Un visage connu apparait: Panagiotis, que nous avons rencontré jeudi. Ca fait bizarre de se retrouver là. C’est un peu comme si nous connaissions déjà plein de monde sur Athènes. Il vient assister au meeting avec sa compagne qui a vécu plusieurs années à Bruxelles. Elle travaille dans l’édition et la crise ne l’épargne pas. Nous nous échangeons les bons plans: "il parait que les espagnols qui travaillent dans ce secteur arrivent encore à trouver du travail… en Argentine". Et nous discutons encore de la gravité de la situation: "Un prof ne gagne plus aujourd’hui que 700 euros, la moitié de son salaire, pour donner cours dans des locaux sans chauffage, avec des enfants qui parfois sont affamés", "On nous impose de payer des taxes supplémentaires avec l’électricité. Si nous ne les payons pas, on nous coupe le courant. Si nous ne payons toujours pas, on saisit la somme exigée directement sur notre compte en banque". 

Un des organisateurs du meeting que nous avions rencontré avec Flora vient saluer Marc: "Comment tu comptes te présenter?" – "Ben, comme militant politique de l’organisation sœur d’Okde-Spartakos" – "Ha oui… mais tu n’est pas aussi au syndicat? Ce serait mieux de te présenter comme syndicaliste parce que, ici, ce n’est pas un meeting partidaire, tu sais." – "Bof, je préfère pas, je suis simplement affilié et depuis pas longtemps." – "Bon, d’accord, fais comme tu veux… " Il prend connaissance de l’intervention de Marc qu’il nous a demandé de lui fournir en version papier pour faciliter la traduction. Il lit. No comment. On sent le débordement d’enthousiasme… 

Marc s’installe à la tribune et prend la parole dans une salle qui s’est entre-temps remplie d’une soixantaine de personnes. Il s’écarte du thème principal, sur la sortie de l’euro, pour axer plutôt son discours sur la nécessaire solidarité internationale. Il parle de la similitude entre la situation grecque et la situation dans l’Etat Espagnol. Mais il évoque aussi la vague d’austérité qui touche les pays "du nord" comme la Belgique. Même si les attaques prennent des formes différentes, nous sommes tous dans la même galère. Nous quittons la salle après son intervention. Tout un meeting en grec quand on ne comprend pas deux mots, ça risquait d’être un peu rasoir. 
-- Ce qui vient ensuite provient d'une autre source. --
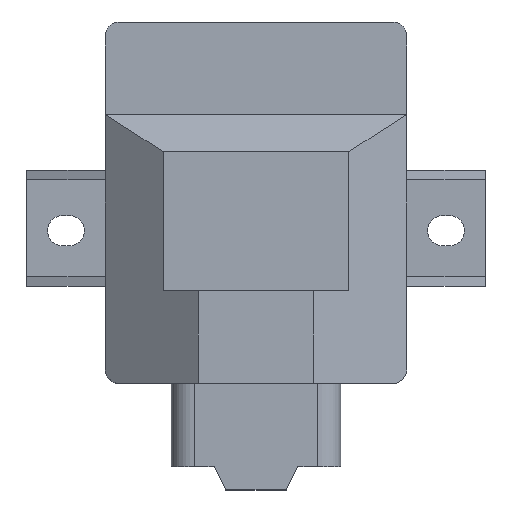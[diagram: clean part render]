
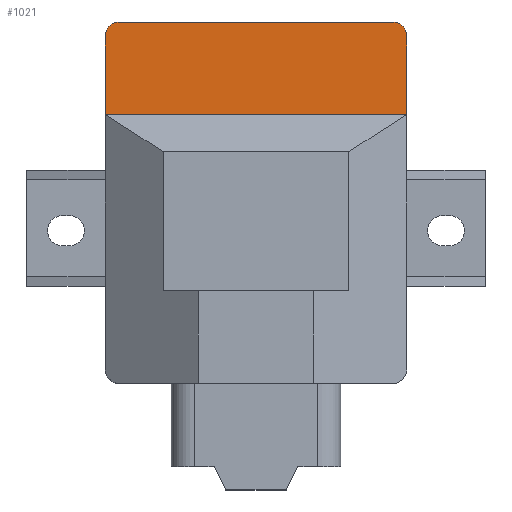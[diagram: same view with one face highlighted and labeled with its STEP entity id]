
A CAD part, top view. The second image highlights one B-rep face of the part: STEP entity #1021.
In plain terms, the highlighted free-form (B-spline) face has degree [3, 3] with [4, 4] control points.
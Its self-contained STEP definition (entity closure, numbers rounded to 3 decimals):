
#29=CARTESIAN_POINT('',(29.5,75.,11.));
#30=DIRECTION('',(0.,0.,1.));
#31=DIRECTION('',(1.,0.,0.));
#32=AXIS2_PLACEMENT_3D('',#29,#30,#31);
#34=DIRECTION('',(-1.,0.,0.));
#35=VECTOR('',#34,65.);
#36=CARTESIAN_POINT('',(32.5,58.,11.));
#37=LINE('',#36,#35);
#38=DIRECTION('',(0.,-1.,0.));
#39=VECTOR('',#38,17.);
#40=CARTESIAN_POINT('',(-32.5,75.,11.));
#41=LINE('',#40,#39);
#42=CARTESIAN_POINT('',(-29.5,75.,11.));
#43=DIRECTION('',(0.,0.,1.));
#44=DIRECTION('',(0.,1.,0.));
#45=AXIS2_PLACEMENT_3D('',#42,#43,#44);
#51=DIRECTION('',(1.,0.,0.));
#52=VECTOR('',#51,59.);
#53=CARTESIAN_POINT('',(-29.5,78.,11.));
#54=LINE('',#53,#52);
#197=DIRECTION('',(0.,-1.,0.));
#198=VECTOR('',#197,17.);
#199=CARTESIAN_POINT('',(32.5,75.,11.));
#200=LINE('',#199,#198);
#673=CARTESIAN_POINT('',(-32.5,58.,11.));
#674=VERTEX_POINT('',#673);
#675=CARTESIAN_POINT('',(-32.5,75.,11.));
#676=VERTEX_POINT('',#675);
#705=CARTESIAN_POINT('',(32.5,58.,11.));
#706=VERTEX_POINT('',#705);
#708=CARTESIAN_POINT('',(32.5,75.,11.));
#709=CARTESIAN_POINT('',(29.5,78.,11.));
#710=VERTEX_POINT('',#708);
#711=VERTEX_POINT('',#709);
#712=CARTESIAN_POINT('',(-29.5,78.,11.));
#713=VERTEX_POINT('',#712);
#992=CARTESIAN_POINT('',(-33.8,78.4,11.));
#993=CARTESIAN_POINT('',(-11.267,78.4,11.));
#994=CARTESIAN_POINT('',(11.267,78.4,11.));
#995=CARTESIAN_POINT('',(33.8,78.4,11.));
#996=CARTESIAN_POINT('',(-33.8,71.467,11.));
#997=CARTESIAN_POINT('',(-11.267,71.467,11.));
#998=CARTESIAN_POINT('',(11.267,71.467,11.));
#999=CARTESIAN_POINT('',(33.8,71.467,11.));
#1000=CARTESIAN_POINT('',(-33.8,64.533,11.));
#1001=CARTESIAN_POINT('',(-11.267,64.533,11.));
#1002=CARTESIAN_POINT('',(11.267,64.533,11.));
#1003=CARTESIAN_POINT('',(33.8,64.533,11.));
#1004=CARTESIAN_POINT('',(-33.8,57.6,11.));
#1005=CARTESIAN_POINT('',(-11.267,57.6,11.));
#1006=CARTESIAN_POINT('',(11.267,57.6,11.));
#1007=CARTESIAN_POINT('',(33.8,57.6,11.));
#1008=B_SPLINE_SURFACE_WITH_KNOTS('',3,3,((#992,#993,#994,#995),(#996,#997,#998,
#999),(#1000,#1001,#1002,#1003),(#1004,#1005,#1006,#1007)),.UNSPECIFIED.,.F.,
.F.,.F.,(4,4),(4,4),(-0.4,20.4),(-1.3,66.3),.UNSPECIFIED.);
#1010=ORIENTED_EDGE('',*,*,#1009,.F.);
#1012=ORIENTED_EDGE('',*,*,#1011,.T.);
#1013=ORIENTED_EDGE('',*,*,#982,.T.);
#1014=ORIENTED_EDGE('',*,*,#909,.F.);
#1016=ORIENTED_EDGE('',*,*,#1015,.F.);
#1018=ORIENTED_EDGE('',*,*,#1017,.T.);
#1019=EDGE_LOOP('',(#1010,#1012,#1013,#1014,#1016,#1018));
#1020=FACE_OUTER_BOUND('',#1019,.F.);
#1021=ADVANCED_FACE('',(#1020),#1008,.T.);
#33=CIRCLE('',#32,3.);
#46=CIRCLE('',#45,3.);
#909=EDGE_CURVE('',#676,#674,#41,.T.);
#982=EDGE_CURVE('',#706,#674,#37,.T.);
#1009=EDGE_CURVE('',#710,#711,#33,.T.);
#1011=EDGE_CURVE('',#710,#706,#200,.T.);
#1015=EDGE_CURVE('',#713,#676,#46,.T.);
#1017=EDGE_CURVE('',#713,#711,#54,.T.);
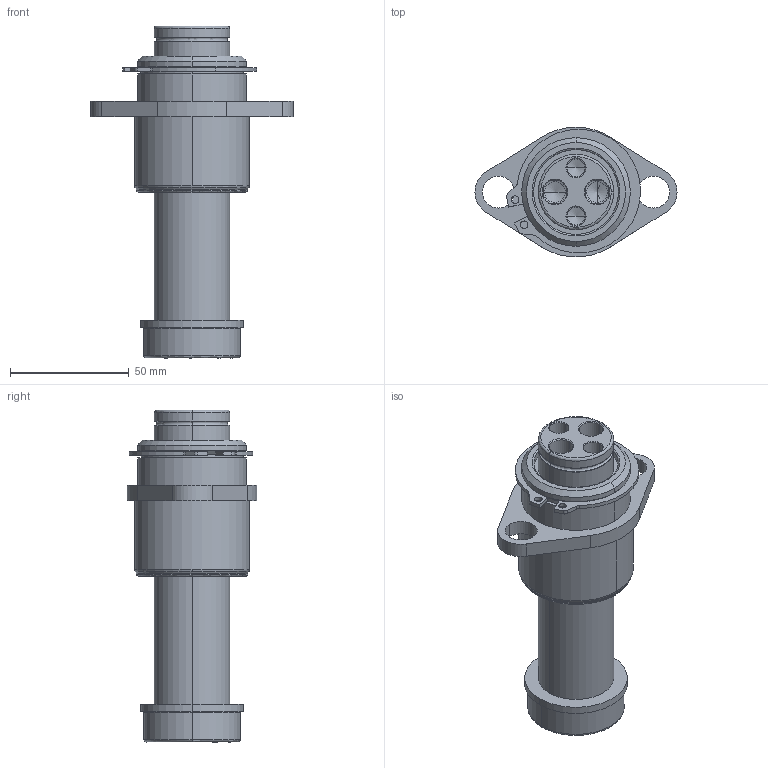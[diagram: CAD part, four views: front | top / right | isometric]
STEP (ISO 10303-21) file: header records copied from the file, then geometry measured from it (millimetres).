
FILE_DESCRIPTION (( 'STEP AP214' ), '1' );
FILE_NAME ('GK120-N2-1-BP-M-XXX.STEP', '2020-09-21T16:11:41', ( '' ), ( '' ), 'SwSTEP 2.0', 'SolidWorks 2017', '' );
FILE_SCHEMA (( 'AUTOMOTIVE_DESIGN' ));
Length unit declared in the file: inch
Products named in the file (7): GK1.25-N2-1-BP-Base; GK120-N2-1-BP-M-XXX; GK120-M-XXX-GuidePin; GK120-DampeningWasher; RetainingRing
Assembly tree (6 placements, depth 3):
  GK120-N2-1-BP-M-XXX
    GK1.25-N2-1-BP-Base
      GK1.25-N2-1-BP-Base
      RetainingRing
    GK120-M-XXX-GuidePin
      GK120-M-XXX-GuidePin
      GK120-DampeningWasher
Bounding box: 85.09 x 54.52 x 139.7 mm (x, y, z)
Volume: 173529.5 mm3; surface area: 42464.8 mm2
Topology: 4 solids, 4 shells, 151 faces, 349 edges, 212 vertices
Faces by surface type: cylinder 67, bspline 30, cone 30, plane 24
Entity records: 5868 total; most frequent: CARTESIAN_POINT 1979, DIRECTION 753, ORIENTED_EDGE 682, EDGE_CURVE 341, AXIS2_PLACEMENT_3D 310, VERTEX_POINT 212, CIRCLE 178, EDGE_LOOP 177
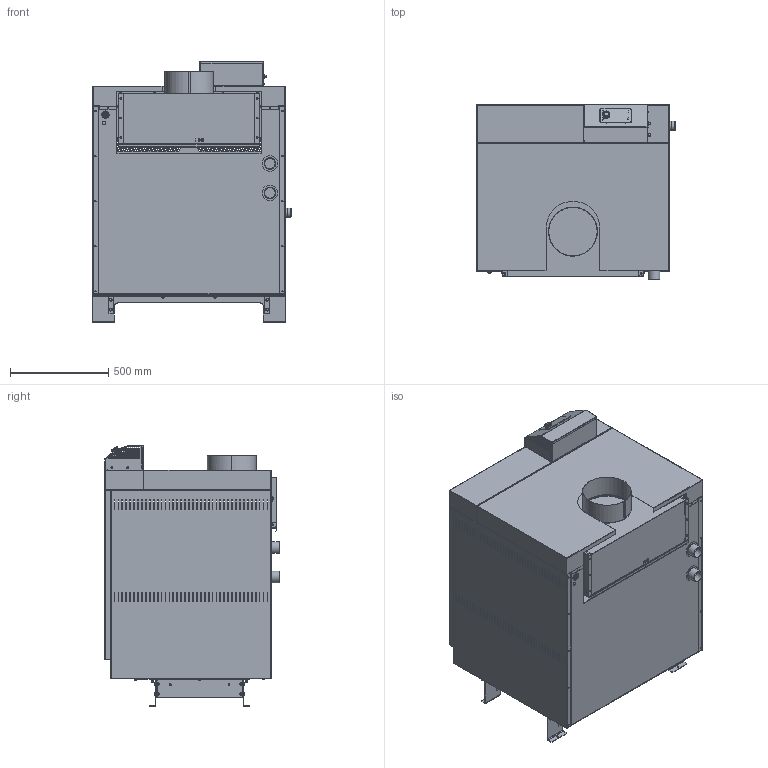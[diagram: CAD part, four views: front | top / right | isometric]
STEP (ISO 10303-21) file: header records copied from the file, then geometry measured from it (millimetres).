
FILE_DESCRIPTION(('STEP AP203'), '1');
FILE_NAME('TITAN V 150', '2025-12-03T09:22:57', (''), (''), 'ASCON STEP Converter 1.6', 'ASCON Math Kernel', '');
FILE_SCHEMA(('CONFIG_CONTROL_DESIGN'));
Length unit declared in the file: millimetre
Products named in the file (1): -01
Bounding box: 1011 x 895.63 x 1330.4 mm (x, y, z)
Volume: 11028966 mm3; surface area: 12949242.2 mm2
Topology: 20 solids, 21 shells, 4448 faces, 11621 edges, 7466 vertices
Faces by surface type: plane 3275, cylinder 783, bspline 206, torus 85, cone 72, sphere 25, extrusion 2
Full cylindrical faces by diameter (mm): 2 x2, 2.45 x22, 2.5 x6, 3 x16, 3.2 x2, 3.5 x6, 4 x30, 4.2 x8, 4.5 x30, 4.7 x1, 5 x5, 6 x11, 7 x6, 8 x26, 8.5 x16, 9 x17, 10 x14, 10.421 x1, 12 x1, 14 x3, 14.795 x1, 15 x1, 16 x12, 19.169 x1, 23.542 x1, 24.5 x2, 27.916 x1, 30.664 x1, 32 x2, 36 x1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
Entity records: 158645 total; most frequent: CARTESIAN_POINT 49740, ORIENTED_EDGE 22395, DIRECTION 20909, EDGE_CURVE 11199, VECTOR 8317, LINE 8315, VERTEX_POINT 7465, AXIS2_PLACEMENT_3D 6296

Pendant que les autres sortent de leur lit pour aller rencontrer Maroussa et discuter du mouvement des Indignés, nous récompensons nos efforts matinaux par une petite ballade touristique du côté de l’acropole. Nous grimpons par le quartier d’Anafiotika. Petites maisons blanches et fleuries, ruelles étroites, super vue sur la ville qui s’étend à nos pieds. Ca fait un peu carte postale. Il n’y a personne dans les guichets d’entrée du site. Nous apprendrons par la suite que, les premiers dimanche du mois, l’accès est gratuit. Ca tombe plutôt bien. Depuis la colline du Pnyx, chouette vue sur l’acropole, qui fourmille de monde. Ca nous décourage de monter jusque là et nous redescendons par l’ancienne agora. 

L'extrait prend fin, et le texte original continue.